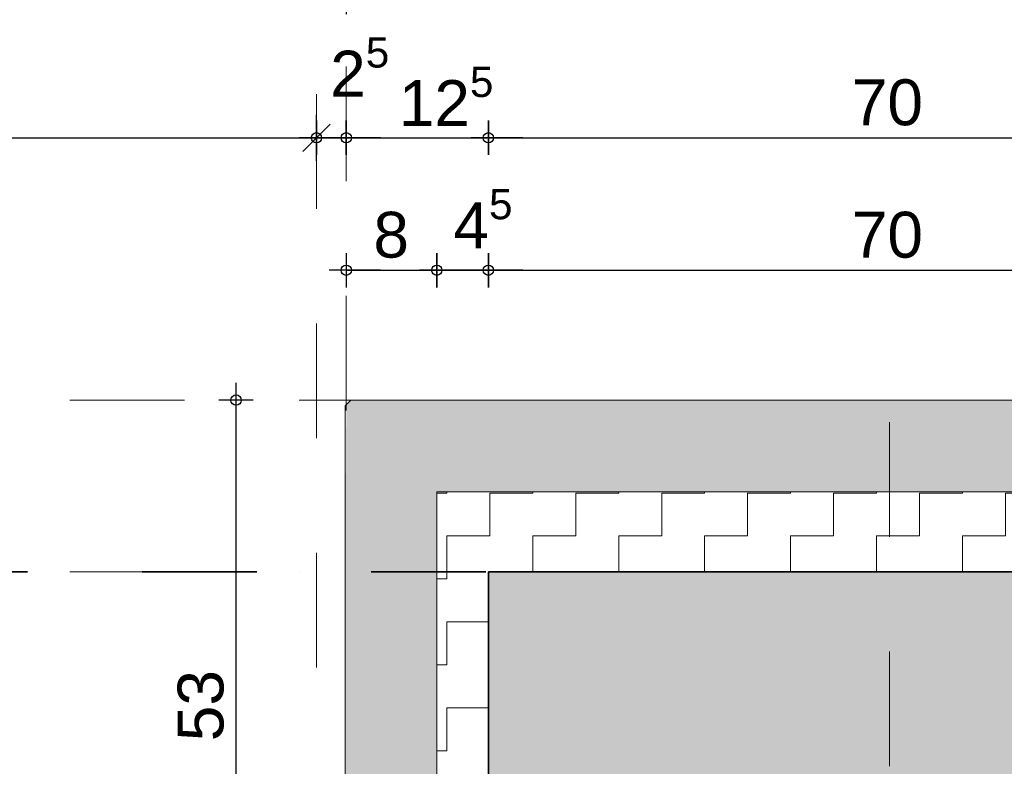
# Model space of a CAD drawing. Header units: metres. Extents: x 1316.5 to 1415.3, y -94.1 to -52.
# Tile 540 of 656: x 1410.4 to 1411.3, y -76.3 to -75.7. Entities that reach past the tile are written whole.
import ezdxf

# ---------------------------------------------------------------- set-up
doc = ezdxf.new("R2010")
doc.units = ezdxf.units.M
doc.header["$PDMODE"] = 65
for name, pattern in [('AUSGEZOGEN', [0]), ('GETRENNT2_S10', [0.045, 0.02, -0.01, 0, -0.005, 0, -0.01]), ('GETRENNT2_S6', [0.12, 0.07, -0.01, 0.01, -0.01, 0.01, -0.01]), ('PUNKT2_S9', [0.0015, 0, -0.0015]), ('STRICHLINIE2_S3', [0.055, 0.04, -0.015]), ('STRICHPUNKT2_S5', [0.1, 0.07, -0.01, 0.01, -0.01])]:
    doc.linetypes.add(name, pattern=pattern)
doc.layers.add('XR$3$_42154', color=7, linetype='Continuous')
for name, color, linetype, lineweight in [('XR$3$Achsen', 4, 'AUSGEZOGEN', 13), ('XR$3$Maßlinie 1_50', 7, 'AUSGEZOGEN', 25), ('XR$3$Muster', 4, 'AUSGEZOGEN', 13), ('XR$3$Möblierung', 4, 'AUSGEZOGEN', 13), ('XR$3$STANDARD_1', 7, 'AUSGEZOGEN', 25), ('XR$3$Wand Mauerwerk tr_1', 42, 'AUSGEZOGEN', 18)]:
    doc.layers.add(name, color=color, linetype=linetype, lineweight=lineweight)
doc.styles.add('ARIAL', font='arial.ttf')
doc.dimstyles.new('DIMSTYLE_16', dxfattribs={"dimtxt": 0.03, "dimasz": 0.03, "dimexe": 0, "dimexo": 1e-06, "dimgap": 0.015, "dimtad": 2, "dimdec": 0, "dimlfac": 1000, "dimrnd": 5, "dimzin": 12, "dimdsep": 46, "dimtxsty": 'ARIAL', "dimblk1": 'ALL_ML_KREIS', "dimblk2": 'ALL_ML_KREIS', "dimsah": 1, "dimcen": 0, "dimse1": 1, "dimse2": 1, "dimclrd": 7, "dimclre": 7, "dimclrt": 7, "dimadec": 0, "dimazin": 0, "dimtfac": 1, "dimtdec": 0, "dimtix": 1, "dimtmove": 2, "dimatfit": 3, "dimfxl": 0, "dimtzin": 0, "dimlwd": 0, "dimlwe": 25, "dimarcsym": 0})
doc.dimstyles.new('DIMSTYLE_17', dxfattribs={"dimtxt": 0.03, "dimasz": 0.04, "dimexe": 0, "dimexo": 0, "dimgap": 0.015, "dimtad": 2, "dimrnd": 0.005, "dimzin": 4, "dimdsep": 46, "dimtxsty": 'ARIAL', "dimblk1": 'ALL_ML_STRICH', "dimblk2": 'ALL_ML_STRICH', "dimsah": 1, "dimcen": 0, "dimclrd": 7, "dimclre": 7, "dimclrt": 7, "dimadec": 0, "dimazin": 0, "dimtfac": 1, "dimtdec": 0, "dimtix": 1, "dimtmove": 2, "dimatfit": 3, "dimfxl": 0, "dimtzin": 0, "dimlwd": 0, "dimlwe": 25, "dimarcsym": 0})
doc.dimstyles.new('DIMSTYLE_21', dxfattribs={"dimtxt": 0.04, "dimasz": 0.03, "dimexe": 0, "dimexo": 1e-06, "dimgap": 0.02, "dimtad": 2, "dimdec": 0, "dimlfac": 100, "dimrnd": 0.5, "dimzin": 12, "dimdsep": 46, "dimtxsty": 'ARIAL', "dimblk1": 'ALL_ML_KREIS', "dimblk2": 'ALL_ML_KREIS', "dimsah": 1, "dimcen": 0, "dimse1": 1, "dimse2": 1, "dimclrd": 7, "dimclre": 7, "dimclrt": 7, "dimadec": 0, "dimazin": 0, "dimtfac": 1, "dimtdec": 0, "dimtix": 1, "dimtmove": 2, "dimatfit": 3, "dimfxl": 0, "dimtzin": 0, "dimlwd": 0, "dimlwe": 25, "dimarcsym": 0})
doc.dimstyles.new('DIMSTYLE_23', dxfattribs={"dimtxt": 0.04, "dimasz": 0.03, "dimexe": 0, "dimexo": 1e-06, "dimgap": 0.02, "dimtad": 2, "dimdec": 1, "dimlfac": 100, "dimrnd": 0.5, "dimzin": 12, "dimdsep": 46, "dimtxsty": 'ARIAL', "dimblk1": 'ALL_ML_KREIS', "dimblk2": 'ALL_ML_KREIS', "dimsah": 1, "dimcen": 0, "dimse1": 1, "dimse2": 1, "dimclrd": 7, "dimclre": 7, "dimclrt": 7, "dimadec": 0, "dimazin": 0, "dimtfac": 1, "dimtdec": 0, "dimtix": 1, "dimtmove": 2, "dimatfit": 3, "dimfxl": 0, "dimtvp": 1.2, "dimtzin": 0, "dimlwd": 0, "dimlwe": 25, "dimarcsym": 0})
doc.dimstyles.new('DIMSTYLE_4', dxfattribs={"dimtxt": 0.04, "dimasz": 0.03, "dimexe": 0, "dimexo": 1e-06, "dimgap": 0.02, "dimtad": 2, "dimdec": 1, "dimlfac": 100, "dimrnd": 0.5, "dimzin": 4, "dimdsep": 46, "dimtxsty": 'ARIAL', "dimblk1": 'ALL_ML_KREIS', "dimblk2": 'ALL_ML_KREIS', "dimsah": 1, "dimcen": 0, "dimse1": 1, "dimse2": 1, "dimclrd": 7, "dimclre": 7, "dimclrt": 7, "dimadec": 0, "dimazin": 0, "dimtfac": 1, "dimtdec": 0, "dimtix": 1, "dimtmove": 2, "dimatfit": 3, "dimfxl": 0, "dimtzin": 0, "dimlwd": 0, "dimlwe": 25, "dimarcsym": 0})
doc.dimstyles.new('DIMSTYLE_5', dxfattribs={"dimtxt": 0.04, "dimasz": 0.03, "dimexe": 0, "dimexo": 1e-06, "dimgap": 0.02, "dimtad": 2, "dimdec": 1, "dimlfac": 100, "dimrnd": 0.5, "dimzin": 4, "dimdsep": 46, "dimtxsty": 'ARIAL', "dimblk1": 'ALL_ML_KREIS', "dimblk2": 'ALL_ML_KREIS', "dimsah": 1, "dimcen": 0, "dimse1": 1, "dimse2": 1, "dimclrd": 7, "dimclre": 7, "dimclrt": 7, "dimadec": 0, "dimazin": 0, "dimtfac": 1, "dimtdec": 0, "dimtix": 1, "dimtmove": 2, "dimatfit": 3, "dimfxl": 0, "dimtvp": 1.2, "dimtzin": 0, "dimlwd": 0, "dimlwe": 25, "dimarcsym": 0})

# ---------------------------------------------------------------- blocks, each defined once
blk = doc.blocks.new('ALL_ML_KREIS')
at = {"color": 0, "linetype": 'ByBlock', "lineweight": -2}
for p, q in [((0, -0.5), (0, 0.5)), ((-1, 0), (0.5, 0))]:
    blk.add_line(p, q, dxfattribs=at)
blk.add_circle((0, 0), 0.15, dxfattribs=at)
blk = doc.blocks.new('*D163')
at = {"layer": 'DEFPOINTS', "color": 7, "linetype": 'AUSGEZOGEN', "lineweight": 25, "transparency": 33554687}
for p in [(1409.46527, -75.90972), (1410.67377, -75.90972), (1409.46527, -77.06804)]:
    blk.add_point(p, dxfattribs=at)
at = {"layer": 'XR$3$Maßlinie 1_50', "color": 7, "linetype": 'AUSGEZOGEN', "lineweight": -2, "transparency": 33554687}
blk.add_line((1409.46527, -77.06804), (1410.67377, -77.06804), dxfattribs=at)
at = {"layer": 'XR$3$Maßlinie 1_50', "color": 7, "linetype": 'AUSGEZOGEN', "lineweight": 25, "transparency": 33554687, "xscale": 0.03, "yscale": 0.03, "zscale": 0.03, "rotation": 180}
blk.add_blockref('ALL_ML_KREIS', (1409.46527, -77.06804), dxfattribs=at)
at = {"layer": 'XR$3$Maßlinie 1_50', "color": 7, "linetype": 'AUSGEZOGEN', "lineweight": 25, "transparency": 33554687, "xscale": 0.03, "yscale": 0.03, "zscale": 0.03}
blk.add_blockref('ALL_ML_KREIS', (1410.67377, -77.06804), dxfattribs=at)
blk = doc.blocks.new('ALL_ML_STRICH')
at = {"color": 0, "linetype": 'ByBlock', "lineweight": -2}
for p, q in [((0, -0.5), (0, 0.5)), ((-0.3, -0.3), (0.3, 0.3)), ((-1, 0), (0.5, 0))]:
    blk.add_line(p, q, dxfattribs=at)
blk = doc.blocks.new('*D164')
at = {"layer": 'DEFPOINTS', "color": 7, "linetype": 'AUSGEZOGEN', "lineweight": 25, "transparency": 33554687}
for p in [(1409.46527, -75.77765), (1409.46527, -76.31987), (1410.67377, -76.31987)]:
    blk.add_point(p, dxfattribs=at)
at = {"layer": 'XR$3$Maßlinie 1_50', "color": 7, "linetype": 'AUSGEZOGEN', "lineweight": -2, "transparency": 33554687}
for p, q in [((1409.46527, -75.77765), (1409.46527, -75.77765)), ((1409.46527, -75.77765), (1410.67377, -75.77765)), ((1410.67377, -75.77765), (1410.67377, -75.77765))]:
    blk.add_line(p, q, dxfattribs=at)
at = {"layer": 'XR$3$Maßlinie 1_50', "color": 7, "linetype": 'AUSGEZOGEN', "lineweight": 25, "transparency": 33554687, "xscale": 0.04, "yscale": 0.04, "zscale": 0.04, "rotation": 180}
blk.add_blockref('ALL_ML_STRICH', (1409.46527, -75.77765), dxfattribs=at)
at = {"layer": 'XR$3$Maßlinie 1_50', "color": 7, "linetype": 'AUSGEZOGEN', "lineweight": 25, "transparency": 33554687, "xscale": 0.04, "yscale": 0.04, "zscale": 0.04}
blk.add_blockref('ALL_ML_STRICH', (1410.67377, -75.77765), dxfattribs=at)
blk = doc.blocks.new('*D187')
at = {"layer": 'DEFPOINTS', "color": 7, "linetype": 'AUSGEZOGEN', "lineweight": 25, "transparency": 33554687}
for p in [(1410.75543, -76.00637), (1410.60359, -76.53586), (1410.76027, -76.53586)]:
    blk.add_point(p, dxfattribs=at)
at = {"layer": 'XR$3$Maßlinie 1_50', "color": 7, "linetype": 'AUSGEZOGEN', "lineweight": -2, "transparency": 33554687}
blk.add_line((1410.60359, -76.53586), (1410.60359, -76.00637), dxfattribs=at)
at = {"layer": 'XR$3$Maßlinie 1_50', "color": 7, "linetype": 'AUSGEZOGEN', "lineweight": 25, "transparency": 33554687, "xscale": 0.03, "yscale": 0.03, "zscale": 0.03}
for p, rotation in [((1410.60359, -76.00637), 90), ((1410.60359, -76.53586), 270)]:
    blk.add_blockref('ALL_ML_KREIS', p, dxfattribs=dict(at, rotation=rotation))
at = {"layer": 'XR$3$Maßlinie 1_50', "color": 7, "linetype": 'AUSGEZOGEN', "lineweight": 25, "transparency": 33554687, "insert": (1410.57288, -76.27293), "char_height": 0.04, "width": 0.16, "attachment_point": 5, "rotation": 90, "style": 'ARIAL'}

===============

#### WHAT THIS TASK INVOLVES:
Transcribe, without alteration, the line that contains "(1410.67377, -75.77765), dxfattribs=at)" together with all lines after it in the listing above.

#### SOLUTION TO THIS TASK:
blk.add_blockref('ALL_ML_STRICH', (1410.67377, -75.77765), dxfattribs=at)
blk = doc.blocks.new('*D187')
at = {"layer": 'DEFPOINTS', "color": 7, "linetype": 'AUSGEZOGEN', "lineweight": 25, "transparency": 33554687}
for p in [(1410.75543, -76.00637), (1410.60359, -76.53586), (1410.76027, -76.53586)]:
    blk.add_point(p, dxfattribs=at)
at = {"layer": 'XR$3$Maßlinie 1_50', "color": 7, "linetype": 'AUSGEZOGEN', "lineweight": -2, "transparency": 33554687}
blk.add_line((1410.60359, -76.53586), (1410.60359, -76.00637), dxfattribs=at)
at = {"layer": 'XR$3$Maßlinie 1_50', "color": 7, "linetype": 'AUSGEZOGEN', "lineweight": 25, "transparency": 33554687, "xscale": 0.03, "yscale": 0.03, "zscale": 0.03}
for p, rotation in [((1410.60359, -76.00637), 90), ((1410.60359, -76.53586), 270)]:
    blk.add_blockref('ALL_ML_KREIS', p, dxfattribs=dict(at, rotation=rotation))
at = {"layer": 'XR$3$Maßlinie 1_50', "color": 7, "linetype": 'AUSGEZOGEN', "lineweight": 25, "transparency": 33554687, "insert": (1410.57288, -76.27293), "char_height": 0.04, "width": 0.16, "attachment_point": 5, "rotation": 90, "style": 'ARIAL'}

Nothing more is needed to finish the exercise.